11. Act indifferent by not listening carefully or
showing any emotional care or concern, and project that you regard what
you’re being told as irrelevant and unimportant. (This is particularly
good for getting deceptions of omission to come your way).
12. Use the truth a loved one shares with you
against them later on, thus, punishing them for sharing their truth with
you, and teaching them to avoid the risk from now on.
13. Ignoring the truth being shared and firing back
or countering with something negative about the person telling you their
truth, thus, devaluing their truth and deflecting dealing with it.
Sabotaging Truth-Sharing Sabotages Love
Each of the above 13 ways and a number of others act to sabotage both
the telling of truth and the growth of love.
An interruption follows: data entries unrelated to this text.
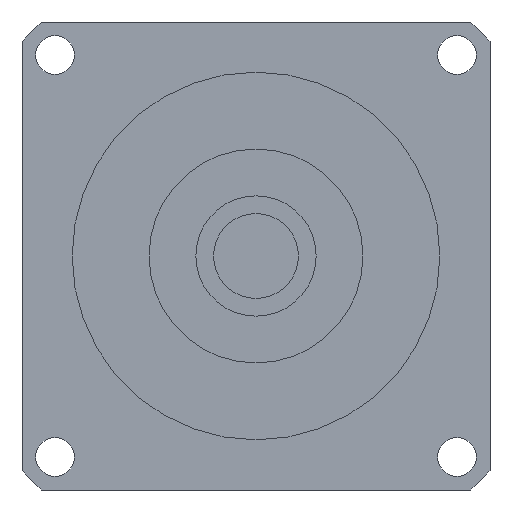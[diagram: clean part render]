
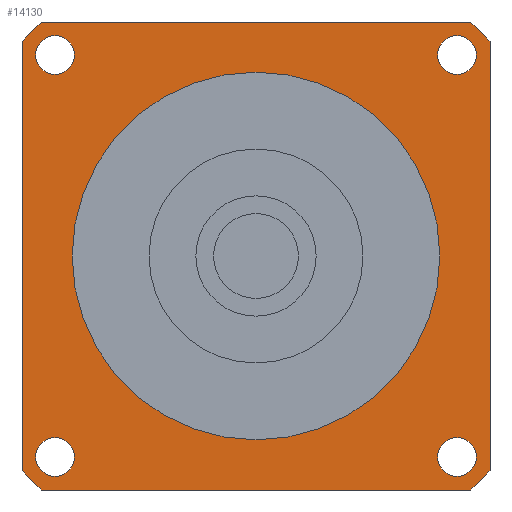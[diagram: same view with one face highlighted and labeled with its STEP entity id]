
A CAD part, left-side view. The second image highlights one B-rep face of the part: STEP entity #14130.
In plain terms, the highlighted planar face has unit normal (-1, 0, 0) as drawn and (0, 0, -1) by its records, which use the part's own axes.
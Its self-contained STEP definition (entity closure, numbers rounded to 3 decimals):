
#8830=CARTESIAN_POINT('',(-35.,-32.113,-37.1));
#8840=VERTEX_POINT('',#8830);
#8890=CARTESIAN_POINT('',(-35.,-35.,-37.1));
#8900=DIRECTION('',(0.,1.,0.));
#8910=VECTOR('',#8900,1000.);
#8920=LINE('',#8890,#8910);
#8930=CARTESIAN_POINT('',(-35.,32.113,-37.1));
#8940=VERTEX_POINT('',#8930);
#8950=EDGE_CURVE('',#8840,#8940,#8920,.T.);
#9340=CARTESIAN_POINT('',(27.152,-30.052,-37.1));
#9350=VERTEX_POINT('',#9340);
#9380=CARTESIAN_POINT('',(30.052,-30.052,-37.1));
#9390=DIRECTION('',(0.,0.,-1.));
#9400=DIRECTION('',(1.,0.,0.));
#9410=AXIS2_PLACEMENT_3D('',#9380,#9390,#9400);
#9420=CIRCLE('',#9410,2.9);
#9430=CARTESIAN_POINT('',(32.952,-30.052,-37.1));
#9440=VERTEX_POINT('',#9430);
#9450=EDGE_CURVE('',#9440,#9350,#9420,.T.);
#12650=CARTESIAN_POINT('',(-30.052,-27.152,-37.1));
#12660=VERTEX_POINT('',#12650);
#12690=CARTESIAN_POINT('',(-30.052,-30.052,-37.1));
#12700=DIRECTION('',(0.,0.,-1.));
#12710=DIRECTION('',(0.,-1.,0.));
#12720=AXIS2_PLACEMENT_3D('',#12690,#12700,#12710);
#12730=CIRCLE('',#12720,2.9);
#12740=CARTESIAN_POINT('',(-30.052,-32.952,-37.1));
#12750=VERTEX_POINT('',#12740);
#12760=EDGE_CURVE('',#12750,#12660,#12730,.T.);
#12880=CARTESIAN_POINT('',(35.,35.,-37.1));
#12890=DIRECTION('',(0.,0.,-1.));
#12900=DIRECTION('',(1.,0.,0.));
#12910=AXIS2_PLACEMENT_3D('',#12880,#12890,#12900);
#12920=PLANE('',#12910);
#12930=ORIENTED_EDGE('',*,*,#12760,.F.);
#12940=EDGE_CURVE('',#12660,#12750,#12730,.T.);
#12950=ORIENTED_EDGE('',*,*,#12940,.F.);
#12960=EDGE_LOOP('',(#12950,#12930));
#12970=FACE_BOUND('',#12960,.T.);
#12980=CARTESIAN_POINT('',(-30.052,30.052,-37.1));
#12990=DIRECTION('',(0.,0.,-1.));
#13000=DIRECTION('',(-1.,0.,0.));
#13010=AXIS2_PLACEMENT_3D('',#12980,#12990,#13000);
#13020=CIRCLE('',#13010,2.9);
#13030=CARTESIAN_POINT('',(-32.952,30.052,-37.1));
#13040=VERTEX_POINT('',#13030);
#13050=CARTESIAN_POINT('',(-27.152,30.052,-37.1));
#13060=VERTEX_POINT('',#13050);
#13070=EDGE_CURVE('',#13040,#13060,#13020,.T.);
#13080=ORIENTED_EDGE('',*,*,#13070,.F.);
#13090=EDGE_CURVE('',#13060,#13040,#13020,.T.);
#13100=ORIENTED_EDGE('',*,*,#13090,.F.);
#13110=EDGE_LOOP('',(#13100,#13080));
#13120=FACE_BOUND('',#13110,.T.);
#13130=CARTESIAN_POINT('',(30.052,30.052,-37.1));
#13140=DIRECTION('',(0.,0.,-1.));
#13150=DIRECTION('',(0.,1.,0.));
#13160=AXIS2_PLACEMENT_3D('',#13130,#13140,#13150);
#13170=CIRCLE('',#13160,2.9);
#13180=CARTESIAN_POINT('',(30.052,32.952,-37.1));
#13190=VERTEX_POINT('',#13180);
#13200=CARTESIAN_POINT('',(30.052,27.152,-37.1));
#13210=VERTEX_POINT('',#13200);
#13220=EDGE_CURVE('',#13190,#13210,#13170,.T.);
#13230=ORIENTED_EDGE('',*,*,#13220,.F.);
#13240=EDGE_CURVE('',#13210,#13190,#13170,.T.);
#13250=ORIENTED_EDGE('',*,*,#13240,.F.);
#13260=EDGE_LOOP('',(#13250,#13230));
#13270=FACE_BOUND('',#13260,.T.);
#13280=CARTESIAN_POINT('',(0.,0.,
-37.1));
#13290=DIRECTION('',(0.,0.,1.));
#13300=DIRECTION('',(0.,1.,0.));
#13310=AXIS2_PLACEMENT_3D('',#13280,#13290,#13300);
#13320=CIRCLE('',#13310,27.5);
#13330=CARTESIAN_POINT('',(-27.5,0.,-37.1));
#13340=VERTEX_POINT('',#13330);
#13350=CARTESIAN_POINT('',(27.5,0.,-37.1));
#13360=VERTEX_POINT('',#13350);
#13370=EDGE_CURVE('',#13340,#13360,#13320,.T.);
#13380=ORIENTED_EDGE('',*,*,#13370,.T.);
#13390=CARTESIAN_POINT('',(0.,27.5,-37.1));
#13400=VERTEX_POINT('',#13390);
#13410=EDGE_CURVE('',#13400,#13340,#13320,.T.);
#13420=ORIENTED_EDGE('',*,*,#13410,.T.);
#13430=EDGE_CURVE('',#13360,#13400,#13320,.T.);
#13440=ORIENTED_EDGE('',*,*,#13430,.T.);
#13450=EDGE_LOOP('',(#13440,#13420,#13380));
#13460=FACE_BOUND('',#13450,.T.);
#13470=CARTESIAN_POINT('',(-35.,35.,-37.1));
#13480=DIRECTION('',(1.,0.,0.));
#13490=VECTOR('',#13480,1000.);
#13500=LINE('',#13470,#13490);
#13510=CARTESIAN_POINT('',(-32.113,35.,-37.1));
#13520=VERTEX_POINT('',#13510);
#13530=CARTESIAN_POINT('',(32.113,35.,-37.1));
#13540=VERTEX_POINT('',#13530);
#13550=EDGE_CURVE('',#13520,#13540,#13500,.T.);
#13560=ORIENTED_EDGE('',*,*,#13550,.T.);
#13570=CARTESIAN_POINT('',(0.,0.,-37.1));
#13580=DIRECTION('',(0.,0.,-1.));
#13590=DIRECTION('',(1.,0.,0.));
#13600=AXIS2_PLACEMENT_3D('',#13570,#13580,#13590);
#13610=CIRCLE('',#13600,47.5);
#13620=EDGE_CURVE('',#8940,#13520,#13610,.T.);
#13630=ORIENTED_EDGE('',*,*,#13620,.T.);
#13640=ORIENTED_EDGE('',*,*,#8950,.T.);
#13650=CARTESIAN_POINT('',(0.,0.,-37.1));
#13660=DIRECTION('',(0.,0.,-1.));
#13670=DIRECTION('',(1.,0.,0.));
#13680=AXIS2_PLACEMENT_3D('',#13650,#13660,#13670);
#13690=CIRCLE('',#13680,47.5);
#13700=CARTESIAN_POINT('',(-32.113,-35.,-37.1));
#13710=VERTEX_POINT('',#13700);
#13720=EDGE_CURVE('',#13710,#8840,#13690,.T.);
#13730=ORIENTED_EDGE('',*,*,#13720,.T.);
#13740=CARTESIAN_POINT('',(35.,-35.,-37.1));
#13750=DIRECTION('',(-1.,0.,0.));
#13760=VECTOR('',#13750,1000.);
#13770=LINE('',#13740,#13760);
#13780=CARTESIAN_POINT('',(32.113,-35.,-37.1));
#13790=VERTEX_POINT('',#13780);
#13800=EDGE_CURVE('',#13790,#13710,#13770,.T.);
#13810=ORIENTED_EDGE('',*,*,#13800,.T.);
#13820=CARTESIAN_POINT('',(0.,0.,-37.1));
#13830=DIRECTION('',(0.,0.,-1.));
#13840=DIRECTION('',(1.,0.,0.));
#13850=AXIS2_PLACEMENT_3D('',#13820,#13830,#13840);
#13860=CIRCLE('',#13850,47.5);
#13870=CARTESIAN_POINT('',(35.,-32.113,-37.1));
#13880=VERTEX_POINT('',#13870);
#13890=EDGE_CURVE('',#13880,#13790,#13860,.T.);
#13900=ORIENTED_EDGE('',*,*,#13890,.T.);
#13910=CARTESIAN_POINT('',(35.,35.,-37.1));
#13920=DIRECTION('',(0.,-1.,0.));
#13930=VECTOR('',#13920,1000.);
#13940=LINE('',#13910,#13930);
#13950=CARTESIAN_POINT('',(35.,32.113,-37.1));
#13960=VERTEX_POINT('',#13950);
#13970=EDGE_CURVE('',#13960,#13880,#13940,.T.);
#13980=ORIENTED_EDGE('',*,*,#13970,.T.);
#13990=CARTESIAN_POINT('',(0.,0.,-37.1));
#14000=DIRECTION('',(0.,0.,-1.));
#14010=DIRECTION('',(1.,0.,0.));
#14020=AXIS2_PLACEMENT_3D('',#13990,#14000,#14010);
#14030=CIRCLE('',#14020,47.5);
#14040=EDGE_CURVE('',#13540,#13960,#14030,.T.);
#14050=ORIENTED_EDGE('',*,*,#14040,.T.);
#14060=EDGE_LOOP('',(#14050,#13980,#13900,#13810,#13730,#13640,#13630,
#13560));
#14070=FACE_OUTER_BOUND('',#14060,.T.);
#14080=ORIENTED_EDGE('',*,*,#9450,.F.);
#14090=EDGE_CURVE('',#9350,#9440,#9420,.T.);
#14100=ORIENTED_EDGE('',*,*,#14090,.F.);
#14110=EDGE_LOOP('',(#14100,#14080));
#14120=FACE_BOUND('',#14110,.T.);
#14130=ADVANCED_FACE('',(#12970,#13120,#13270,#13460,#14070,#14120),
#12920,.T.);

Lots of people do not
realize that they get lied to partly because they make telling the truth
have really bad outcomes. Yes, it’s true we all should have the
courage to tell the truth anyway, but that often is not the case. Yes,
we all should have sufficient love to be dedicated to giving our loved
ones nothing but the truth, but that too is often not the case.
If you
can lovingly hear the truth people are ever so much more likely to tell
you there truth. That often takes a good amount of healthy, self-love
and the ability to do what is called ‘owning your okayness’ and ‘not
giving away your power’. See the entry “Healthy Self-Love and Not
Giving Your Power Away”.
How Lies Limit Love
If I lie to you I do not present you with the real me. If you send
love to that false me it does not reach the real me. I either know or
doubt you would send your love if you knew the truth I am withholding.
Therefore, I am not reached and I’m not nourished by your love. My lie
may help me, or you, or both of us escape a painful conflict but by
lying I also escape the chance of the real me being loved by the real
you. Thus, I cause us to elude the chance of sharing and experiencing
intimate, real and perhaps healing love together.
When Love with Truth Is Not Allowed
She said, “If I ever find out you even think of having sex with
another woman I will divorce you!” He secretly and silently interpreted
this as “I can never share with you the truth of my real sexuality.
Therefore, I had best begin to look for someone else I can be real
with”.
He said, “You know I’m right and I refuse to hear you say another
word about this subject! So, eventually she was in the arms of another
who could and would listen to anything and everything she had to say.
If you cannot accept my truth how can I feel you accept me? If you
cannot accept me, flaws and all, how can I believe you truly can love
the real me? Please do not condemn or deny my messages of myself, and
do not falsely agree with me either. Please be willing to hear the real
me as best as I can present it today. Then tomorrow I may grow to have
a better message and certainly a greater love for you!
What To Do
If you lie a lot, or perhaps you help yourself get lied to a lot, or
if you are living some big lie, I like to suggest this. By small, exact
steps you can get to where you live authentically, without lies, or
without being much lied to, and in the process you do no harm to anyone.
I like to suggest that for your own health and well-being, as well as
for those you care about, cautiously working your way into a life of
truth almost always is achievable and by far is preferable. One reason
for that is lies usually cause a lot of psycho-physiological stress, not
to mention relational diminishment and danger. Coaching by a good
counselor often is just about invaluable whenever love is being
sabotaged by lies. Finally consider an old teaching question. Can you
build something real out of something false?
As always – Go and Grow with Love
Dr. J. Richard Cookerly
♥ Love Success Question Is your self-love sometimes too-weak for you to be able to hear the truth?